Gradually, though, pure stupid horror lost its grip on the squire, and he regarded his master, only to discover a new cause for dismay.
Before forsaking martial endeavors to run the family farm and make fern-and-mint wine, Sir Ajandor Surehand had seen other scenes of carnage nearly as grim as this. Yet he trudged along without a word, his thin, wrinkled face with its drooping white mustache ashen, his gray eyes lost and empty beneath his shaggy brows.
Kevin was appalled. He had always thought the gaunt old knight indomitab
le, but apparently the loss of an only child could overwhelm anyone.
"Sir," he said, picking his way around a spill of field-stone, "you know, it may not be possible to find him."
If Ajandor heard, he gave no sign.
"There are so many dead people," Kevin continued, "some disfigured by fire and the like. Others no doubt lie inside the collapsed buildings."
"Is that what you think?" snapped Ajandor, who had never before spoken harshly to Kevin in all their years together. That my son was cowering indoors when he died?"
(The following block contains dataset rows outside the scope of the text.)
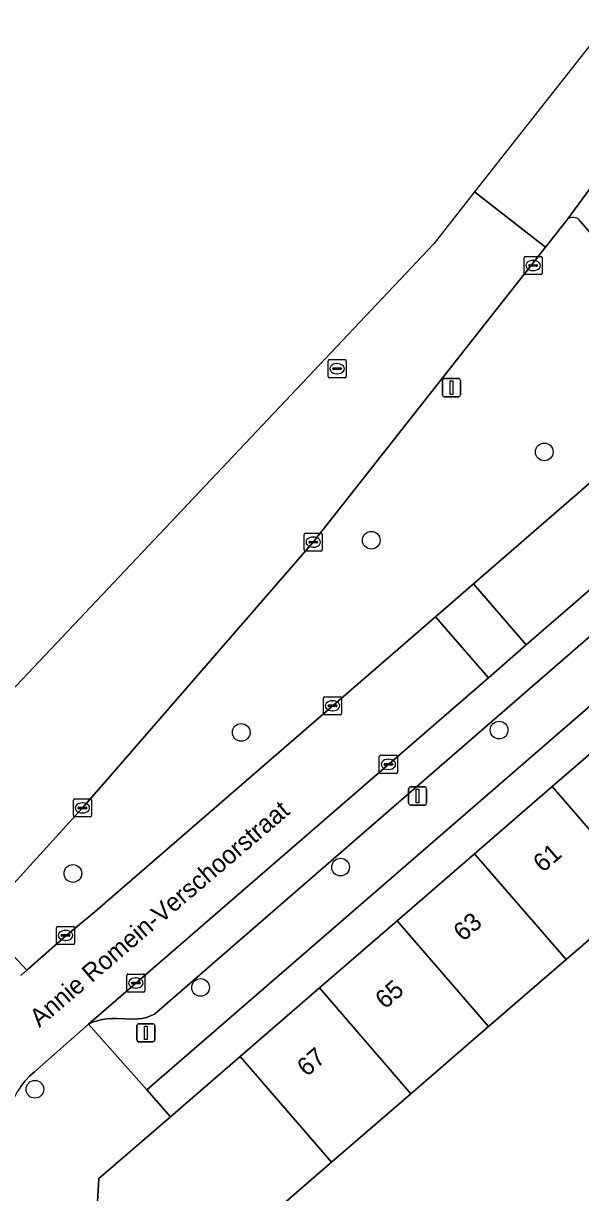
# Model space of a CAD drawing. Extents: x 160304 to 160955, y 383684 to 384161.
# Drawn here: x 160362.7 to 160393.5, y 384055.7 to 384120.3 of the extents above; entities that cross this region are included whole.
import ezdxf

# ---------------------------------------------------------------- set-up
doc = ezdxf.new("R2010")
doc.units = 0
for name, color, linetype in [('IMGEO_Berm_groen', 7, 'Continuous'), ('IMGEO_Boom', 7, 'Continuous'), ('IMGEO_Erf', 7, 'Continuous'), ('IMGEO_Kolk', 7, 'Continuous'), ('IMGEO_Lichtmast', 7, 'Continuous'), ('IMGEO_Openbare_ruimte_label', 7, 'Continuous'), ('IMGEO_Pand', 7, 'Continuous'), ('IMGEO_Pand_nummerreeks', 7, 'Continuous'), ('IMGEO_Parkeervlak_open', 7, 'Continuous'), ('IMGEO_Rijbaan_lokaal_gesloten', 7, 'Continuous'), ('IMGEO_Rijbaan_lokaal_open', 7, 'Continuous'), ('IMGEO_Rioolput', 7, 'Continuous'), ('IMGEO_Voetpad_open', 7, 'Continuous')]:
    doc.layers.add(name, color=color, linetype=linetype)

msp = doc.modelspace()

# ---------------------------------------------------------------- linework, layer by layer
at = {"layer": 'IMGEO_Berm_groen'}
for points in [[(160392.757, 384109.377), (160391.585, 384107.888), (160378.757, 384091.601), (160367.654, 384078.8), (160366.004, 384076.919), (160361.087, 384071.52), (160360.319, 384070.736), (160362.943, 384067.958), (160365.075, 384069.831), (160366.686, 384071.182), (160385.508, 384087.482)], [(160385.508, 384087.482), (160387.602, 384089.296), (160398.566, 384098.79), (160396.61, 384101.048), (160398.923, 384103.034), (160393.527, 384109.316)], [(160362.595, 384067.653), (160362.943, 384067.958), (160360.319, 384070.736), (160352.168, 384063.187), (160351.994, 384063.019), (160352.31, 384062.716), (160352.658, 384062.992), (160352.87, 384063.056)]]:
    msp.add_lwpolyline(points, dxfattribs=at)
msp.add_arc((160393.119, 384109.05), 0.487, 33.05714, 137.88375, dxfattribs=at)
at = {"layer": 'IMGEO_Boom'}
for centre in [(160391.521, 384096.582), (160381.964, 384091.704), (160374.777, 384081.092), (160389.026, 384081.218), (160365.479, 384073.297), (160380.264, 384073.648), (160372.531, 384067.002), (160363.383, 384061.375)]:
    msp.add_circle(centre, 0.489, dxfattribs=at)
at = {"layer": 'IMGEO_Erf'}
msp.add_lwpolyline([(160370.867, 384059.859), (160374.719, 384063.189), (160379.098, 384066.975), (160383.385, 384070.682), (160387.672, 384074.39), (160391.96, 384078.097), (160396.247, 384081.804), (160400.628, 384085.592), (160402.16, 384083.813), (160406.529, 384087.579), (160410.806, 384091.267), (160415.083, 384094.954), (160419.36, 384098.641), (160423.741, 384102.417), (160420.868, 384105.779), (160369.56, 384061.353)], close=True, dxfattribs=at)
msp.add_lwpolyline([(160397.013, 384072.253), (160392.724, 384068.546), (160388.436, 384064.84), (160384.148, 384061.134), (160379.769, 384057.349), (160375.75, 384053.876)], dxfattribs=at)
at = {"layer": 'IMGEO_Kolk'}
for p, q in [((160390.401, 384106.451), (160390.401, 384107.303)), ((160390.476, 384107.377), (160391.328, 384107.377)), ((160391.402, 384107.303), (160391.402, 384106.451)), ((160390.66, 384106.871), (160390.66, 384106.883)), ((160391.098, 384106.834), (160390.7, 384106.834)), ((160390.703, 384106.92), (160391.101, 384106.92)), ((160390.889, 384107.157), (160390.914, 384107.157)), ((160391.144, 384106.883), (160391.144, 384106.871)), ((160391.328, 384106.377), (160390.476, 384106.377)), ((160390.912, 384106.597), (160390.887, 384106.597)), ((160378.257, 384091.174), (160378.257, 384092.026)), ((160378.332, 384092.1), (160379.184, 384092.1)), ((160378.745, 384091.88), (160378.77, 384091.88)), ((160379.258, 384092.026), (160379.258, 384091.174)), ((160378.516, 384091.594), (160378.516, 384091.606)), ((160378.954, 384091.557), (160378.556, 384091.557)), ((160378.559, 384091.643), (160378.957, 384091.643)), ((160378.768, 384091.32), (160378.743, 384091.32)), ((160379, 384091.606), (160379, 384091.594)), ((160379.184, 384091.1), (160378.332, 384091.1)), ((160379.323, 384082.135), (160379.323, 384082.987)), ((160379.398, 384083.061), (160380.25, 384083.061)), ((160379.811, 384082.841), (160379.836, 384082.841)), ((160380.324, 384082.987), (160380.324, 384082.135)), ((160379.582, 384082.555), (160379.582, 384082.567)), ((160380.02, 384082.518), (160379.622, 384082.518)), ((160379.625, 384082.604), (160380.023, 384082.604)), ((160379.834, 384082.281), (160379.809, 384082.281)), ((160380.066, 384082.567), (160380.066, 384082.555)), ((160380.25, 384082.061), (160379.398, 384082.061)), ((160382.407, 384078.899), (160382.407, 384079.751)), ((160382.482, 384079.825), (160383.334, 384079.825)), ((160382.895, 384079.605), (160382.92, 384079.605)), ((160383.408, 384079.751), (160383.408, 384078.899)), ((160382.666, 384079.319), (160382.666, 384079.331)), ((160383.104, 384079.282), (160382.706, 384079.282)), ((160382.709, 384079.368), (160383.107, 384079.368)), ((160382.918, 384079.045), (160382.893, 384079.045)), ((160383.15, 384079.331), (160383.15, 384079.319)), ((160383.334, 384078.825), (160382.482, 384078.825)), ((160365.504, 384076.492), (160365.504, 384077.344)), ((160365.579, 384077.418), (160366.431, 384077.418)), ((160365.806, 384076.961), (160366.204, 384076.961)), ((160365.992, 384077.198), (160366.017, 384077.198)), ((160366.505, 384077.344), (160366.505, 384076.492)), ((160366.431, 384076.418), (160365.579, 384076.418)), ((160365.763, 384076.912), (160365.763, 384076.924)), ((160366.201, 384076.875), (160365.803, 384076.875)), ((160366.015, 384076.638), (160365.99, 384076.638)), ((160366.247, 384076.924), (160366.247, 384076.912)), ((160364.574, 384069.45), (160364.574, 384070.302)), ((160364.649, 384070.376), (160365.501, 384070.376)), ((160364.833, 384069.87), (160364.833, 384069.882)), ((160364.876, 384069.919), (160365.274, 384069.919)), ((160365.062, 384070.156), (160365.087, 384070.156)), ((160365.317, 384069.882), (160365.317, 384069.87)), ((160365.575, 384070.302), (160365.575, 384069.45)), ((160365.501, 384069.376), (160364.649, 384069.376)), ((160365.271, 384069.833), (160364.873, 384069.833)), ((160365.085, 384069.596), (160365.06, 384069.596)), ((160368.458, 384066.819), (160368.458, 384067.671)), ((160368.533, 384067.745), (160369.385, 384067.745)), ((160368.717, 384067.239), (160368.717, 384067.251)), ((160368.76, 384067.288), (160369.158, 384067.288)), ((160368.946, 384067.525), (160368.971, 384067.525)), ((160369.201, 384067.251), (160369.201, 384067.239)), ((160369.459, 384067.671), (160369.459, 384066.819)), ((160369.385, 384066.745), (160368.533, 384066.745)), ((160369.155, 384067.202), (160368.757, 384067.202)), ((160368.969, 384066.965), (160368.944, 384066.965))]:
    msp.add_line(p, q, dxfattribs=at)
for points in [[(160390.401, 384106.451), (160390.401, 384107.303)], [(160390.476, 384107.377), (160391.328, 384107.377)], [(160391.402, 384107.303), (160391.402, 384106.451)], [(160391.328, 384106.377), (160390.476, 384106.377)], [(160378.257, 384091.174), (160378.257, 384092.026)], [(160378.332, 384092.1), (160379.184, 384092.1)], [(160379.258, 384092.026), (160379.258, 384091.174)], [(160379.184, 384091.1), (160378.332, 384091.1)], [(160379.323, 384082.135), (160379.323, 384082.987)], [(160379.398, 384083.061), (160380.25, 384083.061)], [(160380.324, 384082.987), (160380.324, 384082.135)], [(160380.25, 384082.061), (160379.398, 384082.061)], [(160382.407, 384078.899), (160382.407, 384079.751)], [(160382.482, 384079.825), (160383.334, 384079.825)], [(160383.408, 384079.751), (160383.408, 384078.899)], [(160383.334, 384078.825), (160382.482, 384078.825)], [(160365.504, 384076.492), (160365.504, 384077.344)], [(160365.579, 384077.418), (160366.431, 384077.418)], [(160366.505, 384077.344), (160366.505, 384076.492)], [(160366.431, 384076.418), (160365.579, 384076.418)], [(160364.574, 384069.45), (160364.574, 384070.302)], [(160364.649, 384070.376), (160365.501, 384070.376)], [(160365.575, 384070.302), (160365.575, 384069.45)], [(160365.501, 384069.376), (160364.649, 384069.376)], [(160368.458, 384066.819), (160368.458, 384067.671)], [(160368.533, 384067.745), (160369.385, 384067.745)], [(160369.459, 384067.671), (160369.459, 384066.819)], [(160369.385, 384066.745), (160368.533, 384066.745)]]:
    msp.add_lwpolyline(points, dxfattribs=at)
for centre, radius, start, end in [((160390.478, 384107.301), 0.0765, 91.55205, 178.44795), ((160390.478, 384107.301), 0.0765, 91.55205, 178.44795), ((160391.326, 384107.301), 0.0765, 1.55205, 88.44795), ((160391.326, 384107.301), 0.0765, 1.55205, 88.44795), ((160390.7, 384106.88), 0.0403, 85.87752, 175.75265), ((160390.697, 384106.87), 0.0366, 178.93798, 274.71019), ((160391.101, 384106.877), 0.043, 264.86636, 352.45326), ((160391.105, 384106.882), 0.0386, 1.73085, 96.63898), ((160390.478, 384106.453), 0.0765, 181.55205, 268.44795), ((160390.478, 384106.453), 0.0765, 181.55205, 268.44795), ((160391.326, 384106.453), 0.0765, 271.55205, 358.44795), ((160391.326, 384106.453), 0.0765, 271.55205, 358.44795), ((160378.334, 384092.024), 0.0765, 91.55205, 178.44795), ((160378.334, 384092.024), 0.0765, 91.55205, 178.44795), ((160379.182, 384092.024), 0.0765, 1.55205, 88.44795), ((160379.182, 384092.024), 0.0765, 1.55205, 88.44795), ((160378.334, 384091.176), 0.0765, 181.55205, 268.44795), ((160378.334, 384091.176), 0.0765, 181.55205, 268.44795), ((160378.556, 384091.603), 0.0403, 85.87752, 175.75265), ((160378.553, 384091.593), 0.0366, 178.93798, 274.71019), ((160378.957, 384091.6), 0.043, 264.86636, 352.45326), ((160378.961, 384091.605), 0.0386, 1.73085, 96.63898), ((160379.182, 384091.176), 0.0765, 271.55205, 358.44795), ((160379.182, 384091.176), 0.0765, 271.55205, 358.44795), ((160379.4, 384082.985), 0.0765, 91.55205, 178.44795), ((160379.4, 384082.985), 0.0765, 91.55205, 178.44795), ((160380.248, 384082.985), 0.0765, 1.55205, 88.44795), ((160380.248, 384082.985), 0.0765, 1.55205, 88.44795), ((160379.4, 384082.137), 0.0765, 181.55205, 268.44795), ((160379.4, 384082.137), 0.0765, 181.55205, 268.44795), ((160379.622, 384082.564), 0.0403, 85.87752, 175.75265), ((160379.619, 384082.554), 0.0366, 178.93798, 274.71019), ((160380.023, 384082.561), 0.043, 264.86636, 352.45326), ((160380.027, 384082.566), 0.0386, 1.73085, 96.63898), ((160380.248, 384082.137), 0.0765, 271.55205, 358.44795), ((160380.248, 384082.137), 0.0765, 271.55205, 358.44795), ((160382.484, 384079.749), 0.0765, 91.55205, 178.44795), ((160382.484, 384079.749), 0.0765, 91.55205, 178.44795), ((160383.332, 384079.749), 0.0765, 1.55205, 88.44795), ((160383.332, 384079.749), 0.0765, 1.55205, 88.44795), ((160382.484, 384078.901), 0.0765, 181.55205, 268.44795), ((160382.484, 384078.901), 0.0765, 181.55205, 268.44795), ((160382.706, 384079.328), 0.0403, 85.87752, 175.75265), ((160382.703, 384079.318), 0.0366, 178.93798, 274.71019), ((160383.107, 384079.325), 0.043, 264.86636, 352.45326), ((160383.111, 384079.33), 0.0386, 1.73085, 96.63898), ((160383.332, 384078.901), 0.0765, 271.55205, 358.44795), ((160383.332, 384078.901), 0.0765, 271.55205, 358.44795), ((160365.581, 384077.342), 0.0765, 91.55205, 178.44795), ((160365.581, 384077.342), 0.0765, 91.55205, 178.44795), ((160365.803, 384076.921), 0.0403, 85.87752, 175.75265), ((160366.208, 384076.923), 0.0386, 1.73085, 96.63898), ((160366.429, 384077.342), 0.0765, 1.55205, 88.44795), ((160366.429, 384077.342), 0.0765, 1.55205, 88.44795), ((160365.581, 384076.494), 0.0765, 181.55205, 268.44795), ((160365.581, 384076.494), 0.0765, 181.55205, 268.44795), ((160365.8, 384076.911), 0.0366, 178.93798, 274.71019), ((160366.204, 384076.918), 0.043, 264.86636, 352.45326), ((160366.429, 384076.494), 0.0765, 271.55205, 358.44795), ((160366.429, 384076.494), 0.0765, 271.55205, 358.44795), ((160364.651, 384070.3), 0.0765, 91.55205, 178.44795), ((160364.651, 384070.3), 0.0765, 91.55205, 178.44795), ((160364.873, 384069.879), 0.0403, 85.87752, 175.75265), ((160364.87, 384069.869), 0.0366, 178.93798, 274.71019), ((160365.274, 384069.876), 0.043, 264.86636, 352.45326), ((160365.278, 384069.881), 0.0386, 1.73085, 96.63898), ((160365.499, 384070.3), 0.0765, 1.55205, 88.44795), ((160365.499, 384070.3), 0.0765, 1.55205, 88.44795), ((160364.651, 384069.452), 0.0765, 181.55205, 268.44795), ((160364.651, 384069.452), 0.0765, 181.55205, 268.44795), ((160365.499, 384069.452), 0.0765, 271.55205, 358.44795), ((160365.499, 384069.452), 0.0765, 271.55205, 358.44795), ((160368.535, 384067.669), 0.0765, 91.55205, 178.44795), ((160368.535, 384067.669), 0.0765, 91.55205, 178.44795), ((160368.757, 384067.248), 0.0403, 85.87752, 175.75265), ((160369.162, 384067.25), 0.0386, 1.73085, 96.63898), ((160369.383, 384067.669), 0.0765, 1.55205, 88.44795), ((160369.383, 384067.669), 0.0765, 1.55205, 88.44795), ((160368.535, 384066.821), 0.0765, 181.55205, 268.44795), ((160368.535, 384066.821), 0.0765, 181.55205, 268.44795), ((160368.754, 384067.238), 0.0366, 178.93798, 274.71019), ((160369.158, 384067.245), 0.043, 264.86636, 352.45326), ((160369.383, 384066.821), 0.0765, 271.55205, 358.44795), ((160369.383, 384066.821), 0.0765, 271.55205, 358.44795)]:
    msp.add_arc(centre, radius, start, end, dxfattribs=at)
for centre, major_axis, ratio, start_param, end_param in [((160390.888, 384106.877), (-0.387, 0.002), 0.722429, 4.712389, 7.853982), ((160390.913, 384106.877), (-0.39, 0.002), 0.717154, 1.570796, 4.712389), ((160378.744, 384091.6), (-0.387, 0.002), 0.722429, 4.712389, 7.853982), ((160378.769, 384091.6), (-0.39, 0.002), 0.717154, 1.570796, 4.712389), ((160379.81, 384082.561), (-0.387, 0.002), 0.722429, 4.712389, 7.853982), ((160379.835, 384082.561), (-0.39, 0.002), 0.717154, 1.570796, 4.712389), ((160382.894, 384079.325), (-0.387, 0.002), 0.722429, 4.712389, 7.853982), ((160382.919, 384079.325), (-0.39, 0.002), 0.717154, 1.570796, 4.712389), ((160365.991, 384076.918), (-0.387, 0.002), 0.722429, 4.712389, 7.853982), ((160366.016, 384076.918), (-0.39, 0.002), 0.717154, 1.570796, 4.712389), ((160365.061, 384069.876), (-0.387, 0.002), 0.722429, 4.712389, 7.853982), ((160365.086, 384069.876), (-0.39, 0.002), 0.717154, 1.570796, 4.712389), ((160368.945, 384067.245), (-0.387, 0.002), 0.722429, 4.712389, 7.853982), ((160368.97, 384067.245), (-0.39, 0.002), 0.717154, 1.570796, 4.712389)]:
    msp.add_ellipse(centre, major_axis=major_axis, ratio=ratio, start_param=start_param, end_param=end_param, dxfattribs=at)
at = {"layer": 'IMGEO_Lichtmast'}
for p, q in [((160385.895, 384099.733), (160385.895, 384100.533)), ((160385.895, 384100.533), (160385.895, 384099.733)), ((160385.995, 384100.633), (160386.785, 384100.633)), ((160386.785, 384100.633), (160385.995, 384100.633)), ((160386.885, 384100.533), (160386.885, 384099.733)), ((160386.885, 384099.733), (160386.885, 384100.533)), ((160386.785, 384099.633), (160385.995, 384099.633)), ((160385.995, 384099.633), (160386.785, 384099.633)), ((160384.025, 384077.175), (160384.025, 384077.975)), ((160384.025, 384077.975), (160384.025, 384077.175)), ((160384.125, 384078.075), (160384.915, 384078.075)), ((160384.915, 384078.075), (160384.125, 384078.075)), ((160385.015, 384077.975), (160385.015, 384077.175)), ((160385.015, 384077.175), (160385.015, 384077.975)), ((160384.915, 384077.075), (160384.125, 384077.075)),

"No! I'm sure he died fighting the enemy."
"Then shut up."
As Kevin wondered what to say next, a gray form sprang up from the ground, where it had apparently been lying flat as a sheet of parchment. A pair of vague limbs outstretched, it pounced at Kevin.
The squire tried to dodge and draw his sword at the same time. He managed neither. The dark thing slammed into him and bore him down to the ground. Raking claws shredded his mantle and surcoat and ripped at the hauberk beneath.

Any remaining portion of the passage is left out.